Dans une intervention à la fois académique et personnelle, Djafarou Mohamed Sinaïssiré s’est défini comme « produit de cette intégration ». Né d’un père béninois et d’une mère nigérienne, il a affirmé que le dialogue entre les deux pays traverse son parcours. Citant Amadou Hampâté Bâ, « Le métissage est un enrichissement mutuel, une passerelle jetée entre les cultures », il a présenté l’étudiant nigérien au Bénin comme un véritable pont entre deux peuples.

Il a ensuite montré que la mobilité étudiante ne se limite pas aux salles de cours. Elle favorise l’harmonisation des systèmes d’enseignement, la reconnaissance des diplômes et la recherche sur des défis concrets de la région : gestion transfrontalière des ressources, logistique, adaptation au changement climatique et prévention de l’extrémisme. En référence à António Guterres, il a rappelé que la stabilité de l’espace CEDEAO passe aussi par l’éducation et les opportunités offertes à la jeunesse.

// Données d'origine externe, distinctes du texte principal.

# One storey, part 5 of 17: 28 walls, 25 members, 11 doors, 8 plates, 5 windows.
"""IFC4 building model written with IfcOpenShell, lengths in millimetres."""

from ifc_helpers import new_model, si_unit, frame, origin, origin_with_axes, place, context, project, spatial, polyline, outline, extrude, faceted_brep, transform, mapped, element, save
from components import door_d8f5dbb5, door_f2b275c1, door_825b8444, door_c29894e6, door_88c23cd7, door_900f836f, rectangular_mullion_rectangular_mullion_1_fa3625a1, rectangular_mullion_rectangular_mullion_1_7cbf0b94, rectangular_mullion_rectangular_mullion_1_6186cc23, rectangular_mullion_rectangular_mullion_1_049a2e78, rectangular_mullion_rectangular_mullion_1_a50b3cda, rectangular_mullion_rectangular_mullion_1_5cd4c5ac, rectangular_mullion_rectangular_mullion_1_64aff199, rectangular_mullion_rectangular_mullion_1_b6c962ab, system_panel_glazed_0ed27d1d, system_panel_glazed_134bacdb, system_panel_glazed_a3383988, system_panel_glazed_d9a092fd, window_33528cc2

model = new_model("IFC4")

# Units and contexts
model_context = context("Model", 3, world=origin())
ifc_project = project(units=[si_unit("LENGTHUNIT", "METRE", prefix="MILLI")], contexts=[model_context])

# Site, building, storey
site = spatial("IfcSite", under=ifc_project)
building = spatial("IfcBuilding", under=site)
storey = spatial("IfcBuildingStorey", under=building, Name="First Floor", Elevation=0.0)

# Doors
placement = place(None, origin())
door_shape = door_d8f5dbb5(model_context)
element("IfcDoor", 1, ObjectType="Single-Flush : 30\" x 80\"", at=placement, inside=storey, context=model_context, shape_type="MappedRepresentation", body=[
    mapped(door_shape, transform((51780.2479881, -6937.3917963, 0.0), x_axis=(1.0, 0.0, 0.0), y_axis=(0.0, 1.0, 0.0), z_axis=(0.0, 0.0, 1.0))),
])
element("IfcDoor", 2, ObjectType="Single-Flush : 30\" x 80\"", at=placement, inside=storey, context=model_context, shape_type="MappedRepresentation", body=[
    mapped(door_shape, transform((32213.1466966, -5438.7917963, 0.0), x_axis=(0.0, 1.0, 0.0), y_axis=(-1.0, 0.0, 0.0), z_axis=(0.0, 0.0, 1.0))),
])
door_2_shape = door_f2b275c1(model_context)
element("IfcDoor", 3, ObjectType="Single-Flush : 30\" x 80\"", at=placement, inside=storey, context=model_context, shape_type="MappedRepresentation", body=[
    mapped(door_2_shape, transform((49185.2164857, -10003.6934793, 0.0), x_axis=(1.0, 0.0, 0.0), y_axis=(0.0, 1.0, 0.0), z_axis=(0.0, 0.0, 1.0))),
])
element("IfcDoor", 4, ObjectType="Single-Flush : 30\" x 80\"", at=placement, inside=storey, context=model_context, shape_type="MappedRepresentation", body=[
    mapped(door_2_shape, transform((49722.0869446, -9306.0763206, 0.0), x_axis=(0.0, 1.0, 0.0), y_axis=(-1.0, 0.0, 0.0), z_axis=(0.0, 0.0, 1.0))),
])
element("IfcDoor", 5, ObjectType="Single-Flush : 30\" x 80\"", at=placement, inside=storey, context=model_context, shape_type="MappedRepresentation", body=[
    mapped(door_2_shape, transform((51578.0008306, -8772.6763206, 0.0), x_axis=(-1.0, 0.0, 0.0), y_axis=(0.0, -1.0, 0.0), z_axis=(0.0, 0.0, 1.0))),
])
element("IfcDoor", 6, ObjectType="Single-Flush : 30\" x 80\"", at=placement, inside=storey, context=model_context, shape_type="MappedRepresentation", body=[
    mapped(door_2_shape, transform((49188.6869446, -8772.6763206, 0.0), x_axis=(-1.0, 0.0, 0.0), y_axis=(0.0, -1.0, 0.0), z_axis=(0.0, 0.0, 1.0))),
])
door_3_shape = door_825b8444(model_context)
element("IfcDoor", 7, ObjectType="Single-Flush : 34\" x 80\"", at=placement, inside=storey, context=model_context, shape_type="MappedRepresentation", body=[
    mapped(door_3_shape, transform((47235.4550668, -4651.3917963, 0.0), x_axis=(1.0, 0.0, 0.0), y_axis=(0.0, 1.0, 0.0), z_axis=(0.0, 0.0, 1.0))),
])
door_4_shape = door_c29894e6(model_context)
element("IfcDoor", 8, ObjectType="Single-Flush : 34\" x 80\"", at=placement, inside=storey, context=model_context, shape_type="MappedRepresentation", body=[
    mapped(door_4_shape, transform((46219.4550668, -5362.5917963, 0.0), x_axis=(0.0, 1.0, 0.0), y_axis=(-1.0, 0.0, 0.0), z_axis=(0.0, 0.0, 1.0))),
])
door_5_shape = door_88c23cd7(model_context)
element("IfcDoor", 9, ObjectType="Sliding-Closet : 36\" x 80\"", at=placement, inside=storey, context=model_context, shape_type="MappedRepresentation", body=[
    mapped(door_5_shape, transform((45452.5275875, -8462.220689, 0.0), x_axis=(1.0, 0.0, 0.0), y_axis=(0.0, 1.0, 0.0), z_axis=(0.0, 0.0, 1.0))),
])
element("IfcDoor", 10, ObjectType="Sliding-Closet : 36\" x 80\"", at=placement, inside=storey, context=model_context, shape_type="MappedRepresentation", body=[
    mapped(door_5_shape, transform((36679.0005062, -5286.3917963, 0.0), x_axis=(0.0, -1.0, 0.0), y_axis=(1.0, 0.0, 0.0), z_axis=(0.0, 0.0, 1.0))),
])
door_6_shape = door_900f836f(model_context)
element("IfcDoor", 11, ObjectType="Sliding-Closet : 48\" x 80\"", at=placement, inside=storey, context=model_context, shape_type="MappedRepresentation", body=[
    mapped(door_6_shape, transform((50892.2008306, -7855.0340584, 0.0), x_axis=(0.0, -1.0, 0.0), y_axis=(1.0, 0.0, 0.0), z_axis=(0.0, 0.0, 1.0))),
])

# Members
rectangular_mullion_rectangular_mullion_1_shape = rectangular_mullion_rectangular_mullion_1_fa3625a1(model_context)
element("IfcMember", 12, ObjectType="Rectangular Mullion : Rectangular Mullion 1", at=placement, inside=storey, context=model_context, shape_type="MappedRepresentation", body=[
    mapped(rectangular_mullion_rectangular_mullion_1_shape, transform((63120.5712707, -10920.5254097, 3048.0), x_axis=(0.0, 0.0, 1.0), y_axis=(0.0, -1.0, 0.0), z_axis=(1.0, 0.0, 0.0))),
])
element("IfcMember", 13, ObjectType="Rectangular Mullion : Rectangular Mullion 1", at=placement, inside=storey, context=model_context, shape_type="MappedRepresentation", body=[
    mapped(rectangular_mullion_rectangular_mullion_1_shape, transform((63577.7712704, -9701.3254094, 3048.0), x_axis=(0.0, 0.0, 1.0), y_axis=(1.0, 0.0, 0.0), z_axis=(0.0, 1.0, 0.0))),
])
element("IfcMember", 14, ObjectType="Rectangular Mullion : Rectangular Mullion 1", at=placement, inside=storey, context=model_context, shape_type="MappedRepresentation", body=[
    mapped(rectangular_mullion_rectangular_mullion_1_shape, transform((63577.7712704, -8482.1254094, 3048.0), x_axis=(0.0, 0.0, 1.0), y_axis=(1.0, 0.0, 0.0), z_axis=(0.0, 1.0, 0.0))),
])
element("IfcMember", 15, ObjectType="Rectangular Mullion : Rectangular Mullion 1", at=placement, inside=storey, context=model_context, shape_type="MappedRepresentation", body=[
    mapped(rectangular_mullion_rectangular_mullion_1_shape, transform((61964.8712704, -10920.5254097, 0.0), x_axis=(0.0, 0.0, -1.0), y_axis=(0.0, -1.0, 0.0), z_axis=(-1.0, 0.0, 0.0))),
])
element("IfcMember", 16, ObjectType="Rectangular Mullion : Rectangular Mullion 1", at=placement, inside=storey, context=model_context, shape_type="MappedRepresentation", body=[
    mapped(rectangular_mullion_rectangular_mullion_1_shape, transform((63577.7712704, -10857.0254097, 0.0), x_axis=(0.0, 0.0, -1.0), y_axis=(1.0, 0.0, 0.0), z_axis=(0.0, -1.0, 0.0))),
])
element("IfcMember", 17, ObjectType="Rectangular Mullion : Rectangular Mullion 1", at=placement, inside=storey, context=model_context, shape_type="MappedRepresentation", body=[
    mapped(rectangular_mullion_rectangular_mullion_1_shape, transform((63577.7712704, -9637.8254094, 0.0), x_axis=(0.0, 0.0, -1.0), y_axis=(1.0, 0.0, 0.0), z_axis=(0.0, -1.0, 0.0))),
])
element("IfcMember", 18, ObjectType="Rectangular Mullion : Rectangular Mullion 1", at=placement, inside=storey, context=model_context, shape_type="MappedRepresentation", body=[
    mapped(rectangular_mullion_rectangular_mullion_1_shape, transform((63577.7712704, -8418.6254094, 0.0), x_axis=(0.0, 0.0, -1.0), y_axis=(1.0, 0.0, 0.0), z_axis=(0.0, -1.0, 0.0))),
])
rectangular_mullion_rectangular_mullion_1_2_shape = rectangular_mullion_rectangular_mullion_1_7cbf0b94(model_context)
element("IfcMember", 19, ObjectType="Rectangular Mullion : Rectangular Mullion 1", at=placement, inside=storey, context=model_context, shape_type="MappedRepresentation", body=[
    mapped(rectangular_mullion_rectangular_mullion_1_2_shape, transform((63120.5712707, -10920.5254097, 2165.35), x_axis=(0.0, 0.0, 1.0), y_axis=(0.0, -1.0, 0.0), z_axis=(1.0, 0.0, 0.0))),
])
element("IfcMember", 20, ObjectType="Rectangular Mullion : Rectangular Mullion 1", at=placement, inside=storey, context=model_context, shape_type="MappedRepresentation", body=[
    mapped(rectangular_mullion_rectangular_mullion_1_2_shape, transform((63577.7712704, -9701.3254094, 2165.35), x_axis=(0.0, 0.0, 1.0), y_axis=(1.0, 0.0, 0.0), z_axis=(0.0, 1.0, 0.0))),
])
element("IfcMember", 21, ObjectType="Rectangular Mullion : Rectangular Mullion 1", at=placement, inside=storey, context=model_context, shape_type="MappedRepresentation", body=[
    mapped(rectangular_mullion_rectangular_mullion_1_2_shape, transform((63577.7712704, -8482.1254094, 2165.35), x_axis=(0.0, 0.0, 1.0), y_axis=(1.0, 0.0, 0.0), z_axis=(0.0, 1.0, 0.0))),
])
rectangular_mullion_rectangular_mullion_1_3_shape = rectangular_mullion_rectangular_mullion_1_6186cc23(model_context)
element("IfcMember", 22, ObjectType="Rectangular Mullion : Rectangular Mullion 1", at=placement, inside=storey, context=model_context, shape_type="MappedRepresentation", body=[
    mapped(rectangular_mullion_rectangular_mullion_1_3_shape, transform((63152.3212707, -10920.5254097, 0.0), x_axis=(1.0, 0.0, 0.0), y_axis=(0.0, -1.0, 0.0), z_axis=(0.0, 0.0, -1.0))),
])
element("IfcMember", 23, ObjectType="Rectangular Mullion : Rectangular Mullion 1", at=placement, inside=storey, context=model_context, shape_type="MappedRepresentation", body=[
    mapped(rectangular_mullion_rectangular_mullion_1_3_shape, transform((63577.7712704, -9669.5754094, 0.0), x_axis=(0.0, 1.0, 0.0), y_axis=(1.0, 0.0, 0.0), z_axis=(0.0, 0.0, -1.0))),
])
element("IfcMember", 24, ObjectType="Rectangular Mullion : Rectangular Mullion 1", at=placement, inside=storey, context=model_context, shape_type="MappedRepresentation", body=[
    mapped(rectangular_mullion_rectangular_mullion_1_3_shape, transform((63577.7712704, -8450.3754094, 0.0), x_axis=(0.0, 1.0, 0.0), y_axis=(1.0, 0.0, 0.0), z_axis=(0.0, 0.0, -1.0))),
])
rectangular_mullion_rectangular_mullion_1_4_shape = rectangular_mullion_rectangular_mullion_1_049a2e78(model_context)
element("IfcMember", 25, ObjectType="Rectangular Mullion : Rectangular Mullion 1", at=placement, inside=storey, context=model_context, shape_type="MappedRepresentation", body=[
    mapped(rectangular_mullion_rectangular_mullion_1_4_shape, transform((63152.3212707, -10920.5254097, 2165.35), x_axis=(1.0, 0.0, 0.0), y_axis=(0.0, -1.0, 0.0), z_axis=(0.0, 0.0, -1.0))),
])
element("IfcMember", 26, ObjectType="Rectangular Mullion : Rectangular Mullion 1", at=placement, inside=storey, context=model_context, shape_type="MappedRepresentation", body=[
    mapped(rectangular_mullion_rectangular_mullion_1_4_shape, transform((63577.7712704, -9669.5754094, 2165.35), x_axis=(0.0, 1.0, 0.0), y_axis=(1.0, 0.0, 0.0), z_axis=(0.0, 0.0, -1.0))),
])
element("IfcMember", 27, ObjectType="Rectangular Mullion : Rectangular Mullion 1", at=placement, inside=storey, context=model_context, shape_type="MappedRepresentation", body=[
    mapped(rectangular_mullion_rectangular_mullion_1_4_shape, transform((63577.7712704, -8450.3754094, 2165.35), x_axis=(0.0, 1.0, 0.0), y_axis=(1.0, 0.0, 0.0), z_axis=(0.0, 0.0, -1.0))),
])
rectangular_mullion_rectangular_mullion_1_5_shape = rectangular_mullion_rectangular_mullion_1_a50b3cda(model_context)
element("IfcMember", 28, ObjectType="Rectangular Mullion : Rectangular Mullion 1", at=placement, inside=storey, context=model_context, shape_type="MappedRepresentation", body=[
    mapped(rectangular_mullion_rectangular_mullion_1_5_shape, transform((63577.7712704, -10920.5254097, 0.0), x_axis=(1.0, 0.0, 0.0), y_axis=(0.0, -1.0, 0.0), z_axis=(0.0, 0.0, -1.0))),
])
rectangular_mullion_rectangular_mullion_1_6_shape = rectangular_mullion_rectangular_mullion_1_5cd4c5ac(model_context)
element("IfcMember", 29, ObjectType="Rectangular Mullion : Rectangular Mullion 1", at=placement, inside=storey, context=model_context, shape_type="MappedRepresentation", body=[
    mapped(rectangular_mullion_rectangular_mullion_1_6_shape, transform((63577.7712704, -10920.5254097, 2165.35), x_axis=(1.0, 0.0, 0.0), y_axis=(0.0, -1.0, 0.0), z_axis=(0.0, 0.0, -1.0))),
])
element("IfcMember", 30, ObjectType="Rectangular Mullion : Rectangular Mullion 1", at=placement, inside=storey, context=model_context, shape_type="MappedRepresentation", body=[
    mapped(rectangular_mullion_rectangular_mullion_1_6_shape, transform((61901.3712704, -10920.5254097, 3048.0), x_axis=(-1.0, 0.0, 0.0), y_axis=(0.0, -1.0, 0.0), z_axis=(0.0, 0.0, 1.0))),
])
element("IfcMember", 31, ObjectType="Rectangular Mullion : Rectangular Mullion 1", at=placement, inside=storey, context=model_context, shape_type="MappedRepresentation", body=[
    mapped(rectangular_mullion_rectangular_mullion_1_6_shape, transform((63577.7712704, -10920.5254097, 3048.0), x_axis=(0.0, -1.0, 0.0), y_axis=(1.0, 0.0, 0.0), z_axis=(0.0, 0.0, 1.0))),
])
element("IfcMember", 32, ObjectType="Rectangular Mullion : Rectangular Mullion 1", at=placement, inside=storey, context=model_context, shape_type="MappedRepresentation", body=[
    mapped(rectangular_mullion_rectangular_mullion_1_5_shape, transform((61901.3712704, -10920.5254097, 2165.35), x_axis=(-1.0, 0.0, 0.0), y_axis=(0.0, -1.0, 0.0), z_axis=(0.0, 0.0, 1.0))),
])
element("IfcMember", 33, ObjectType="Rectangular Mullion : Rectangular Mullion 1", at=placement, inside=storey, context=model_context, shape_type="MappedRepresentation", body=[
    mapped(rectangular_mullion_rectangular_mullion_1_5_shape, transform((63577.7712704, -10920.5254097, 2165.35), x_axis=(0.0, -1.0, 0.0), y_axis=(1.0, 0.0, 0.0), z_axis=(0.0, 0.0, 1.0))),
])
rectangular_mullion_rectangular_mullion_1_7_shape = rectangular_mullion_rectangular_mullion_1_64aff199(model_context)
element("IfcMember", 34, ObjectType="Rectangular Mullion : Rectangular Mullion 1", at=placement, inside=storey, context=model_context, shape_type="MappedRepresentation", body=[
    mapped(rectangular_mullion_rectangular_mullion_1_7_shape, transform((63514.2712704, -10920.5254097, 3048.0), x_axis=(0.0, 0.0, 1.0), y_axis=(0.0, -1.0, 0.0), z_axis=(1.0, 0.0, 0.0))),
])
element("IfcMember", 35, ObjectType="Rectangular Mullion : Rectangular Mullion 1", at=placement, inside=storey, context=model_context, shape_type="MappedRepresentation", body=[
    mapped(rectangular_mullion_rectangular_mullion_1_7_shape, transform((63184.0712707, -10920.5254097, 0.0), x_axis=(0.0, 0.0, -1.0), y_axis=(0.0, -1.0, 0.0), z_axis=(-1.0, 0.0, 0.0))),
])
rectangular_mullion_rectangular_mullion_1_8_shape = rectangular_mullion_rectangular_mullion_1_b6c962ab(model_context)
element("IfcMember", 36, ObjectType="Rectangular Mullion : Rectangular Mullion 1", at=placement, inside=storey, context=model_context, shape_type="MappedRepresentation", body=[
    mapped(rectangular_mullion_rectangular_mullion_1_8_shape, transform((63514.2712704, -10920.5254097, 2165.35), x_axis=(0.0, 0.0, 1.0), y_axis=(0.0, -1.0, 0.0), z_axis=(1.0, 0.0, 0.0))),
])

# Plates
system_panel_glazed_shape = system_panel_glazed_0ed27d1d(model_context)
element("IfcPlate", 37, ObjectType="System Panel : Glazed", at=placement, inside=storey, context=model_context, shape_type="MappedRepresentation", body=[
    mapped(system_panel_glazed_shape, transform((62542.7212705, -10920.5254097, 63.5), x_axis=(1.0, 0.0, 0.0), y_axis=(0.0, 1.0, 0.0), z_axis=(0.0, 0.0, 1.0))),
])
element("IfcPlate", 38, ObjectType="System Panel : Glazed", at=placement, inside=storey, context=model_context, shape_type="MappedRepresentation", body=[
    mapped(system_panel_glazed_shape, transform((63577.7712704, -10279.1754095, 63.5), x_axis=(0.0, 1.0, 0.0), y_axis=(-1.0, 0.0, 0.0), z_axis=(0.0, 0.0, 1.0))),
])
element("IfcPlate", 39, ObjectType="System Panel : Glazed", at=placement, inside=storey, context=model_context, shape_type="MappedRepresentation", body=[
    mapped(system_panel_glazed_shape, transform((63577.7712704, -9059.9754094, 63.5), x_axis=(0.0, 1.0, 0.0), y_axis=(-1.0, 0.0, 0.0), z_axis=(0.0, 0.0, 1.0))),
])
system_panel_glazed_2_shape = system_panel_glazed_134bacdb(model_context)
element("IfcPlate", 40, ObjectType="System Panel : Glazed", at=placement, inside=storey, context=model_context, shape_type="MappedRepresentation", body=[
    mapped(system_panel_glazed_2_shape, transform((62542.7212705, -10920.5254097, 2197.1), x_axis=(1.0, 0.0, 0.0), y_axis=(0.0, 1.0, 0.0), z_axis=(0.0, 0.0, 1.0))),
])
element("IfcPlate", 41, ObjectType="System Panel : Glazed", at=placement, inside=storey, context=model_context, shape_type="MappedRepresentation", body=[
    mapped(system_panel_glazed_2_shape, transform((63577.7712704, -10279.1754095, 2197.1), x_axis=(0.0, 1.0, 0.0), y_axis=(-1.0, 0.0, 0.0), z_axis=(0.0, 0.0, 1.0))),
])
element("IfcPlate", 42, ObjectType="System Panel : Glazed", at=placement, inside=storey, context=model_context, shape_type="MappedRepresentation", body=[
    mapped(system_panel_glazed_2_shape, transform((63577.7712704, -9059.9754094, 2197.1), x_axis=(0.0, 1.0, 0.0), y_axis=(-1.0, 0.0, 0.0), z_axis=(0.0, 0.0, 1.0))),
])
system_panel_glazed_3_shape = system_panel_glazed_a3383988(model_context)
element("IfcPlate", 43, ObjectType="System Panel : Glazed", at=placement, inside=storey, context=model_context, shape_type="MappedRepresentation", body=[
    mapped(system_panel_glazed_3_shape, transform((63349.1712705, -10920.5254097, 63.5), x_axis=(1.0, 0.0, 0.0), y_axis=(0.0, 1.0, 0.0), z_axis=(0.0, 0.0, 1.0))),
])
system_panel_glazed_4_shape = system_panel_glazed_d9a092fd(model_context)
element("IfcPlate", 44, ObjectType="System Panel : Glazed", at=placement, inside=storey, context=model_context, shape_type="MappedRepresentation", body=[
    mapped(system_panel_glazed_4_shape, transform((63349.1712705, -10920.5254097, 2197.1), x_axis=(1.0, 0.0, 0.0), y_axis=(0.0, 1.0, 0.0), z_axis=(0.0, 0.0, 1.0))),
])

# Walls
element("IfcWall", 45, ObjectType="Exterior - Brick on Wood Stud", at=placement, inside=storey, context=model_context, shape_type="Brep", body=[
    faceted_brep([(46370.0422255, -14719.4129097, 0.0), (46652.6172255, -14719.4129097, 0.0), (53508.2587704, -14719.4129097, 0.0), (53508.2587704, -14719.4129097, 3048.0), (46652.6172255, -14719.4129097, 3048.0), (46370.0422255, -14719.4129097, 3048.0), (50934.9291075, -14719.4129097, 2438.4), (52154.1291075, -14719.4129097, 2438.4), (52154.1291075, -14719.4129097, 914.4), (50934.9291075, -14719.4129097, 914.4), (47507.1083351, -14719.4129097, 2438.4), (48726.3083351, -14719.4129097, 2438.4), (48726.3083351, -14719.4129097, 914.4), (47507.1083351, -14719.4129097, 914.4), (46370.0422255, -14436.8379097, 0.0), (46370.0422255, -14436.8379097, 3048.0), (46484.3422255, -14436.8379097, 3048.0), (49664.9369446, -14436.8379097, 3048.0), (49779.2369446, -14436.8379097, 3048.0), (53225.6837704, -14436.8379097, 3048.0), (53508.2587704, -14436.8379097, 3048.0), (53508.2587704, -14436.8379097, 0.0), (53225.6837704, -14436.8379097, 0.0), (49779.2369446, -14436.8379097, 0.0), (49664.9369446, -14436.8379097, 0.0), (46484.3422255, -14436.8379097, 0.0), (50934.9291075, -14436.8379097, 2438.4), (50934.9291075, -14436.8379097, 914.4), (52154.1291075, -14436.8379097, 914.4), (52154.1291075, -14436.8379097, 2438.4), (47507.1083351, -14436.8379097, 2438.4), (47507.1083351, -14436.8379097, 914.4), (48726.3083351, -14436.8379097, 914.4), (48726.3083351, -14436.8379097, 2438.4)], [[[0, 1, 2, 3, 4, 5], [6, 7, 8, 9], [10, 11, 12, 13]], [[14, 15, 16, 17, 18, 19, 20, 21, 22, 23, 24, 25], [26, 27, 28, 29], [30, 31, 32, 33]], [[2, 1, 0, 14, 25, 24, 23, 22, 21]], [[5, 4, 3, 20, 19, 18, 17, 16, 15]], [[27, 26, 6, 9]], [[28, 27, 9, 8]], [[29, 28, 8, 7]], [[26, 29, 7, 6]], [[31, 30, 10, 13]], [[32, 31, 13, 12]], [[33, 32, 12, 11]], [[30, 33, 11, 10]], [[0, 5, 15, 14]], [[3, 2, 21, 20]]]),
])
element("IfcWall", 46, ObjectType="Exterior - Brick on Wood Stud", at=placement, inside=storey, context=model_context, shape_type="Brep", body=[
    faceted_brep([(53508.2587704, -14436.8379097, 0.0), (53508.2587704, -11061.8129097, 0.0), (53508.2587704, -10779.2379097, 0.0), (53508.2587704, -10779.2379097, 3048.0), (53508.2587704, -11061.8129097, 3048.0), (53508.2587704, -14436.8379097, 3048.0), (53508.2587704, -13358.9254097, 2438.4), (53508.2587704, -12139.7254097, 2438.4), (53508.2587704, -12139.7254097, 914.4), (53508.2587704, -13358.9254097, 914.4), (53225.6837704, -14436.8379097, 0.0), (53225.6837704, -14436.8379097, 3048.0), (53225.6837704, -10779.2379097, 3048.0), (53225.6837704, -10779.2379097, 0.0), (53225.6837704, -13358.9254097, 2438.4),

Sur le plan économique, Djafarou Mohamed Sinaïssiré a mis en avant l’étudiant formé entre le Niger et le Bénin comme un acteur de l’entrepreneuriat transfrontalier. Maîtrisant les réalités des deux pays, il peut réduire les obstacles aux échanges et créer de la valeur dans l’agriculture, la logistique et le numérique. Pour valoriser ce potentiel, il a plaidé pour la simplification de l’authentification des diplômes, le renforcement des bourses de mobilité, le rapprochement entre associations étudiantes et monde économique, et le soutien à la recherche sur la sécurité régionale.
En citant Nelson Mandela, « L’éducation est l’arme la plus puissante qu’on puisse utiliser pour changer le monde », il a conclu par un appel à l’engagement : l’intégration se construit chaque jour à travers le parcours de ces étudiants, porteurs d’une Afrique unie et résiliente.
La 2ème édition confirme ainsi que la science, la culture et le sport peuvent fonder une intégration régionale portée par la jeunesse.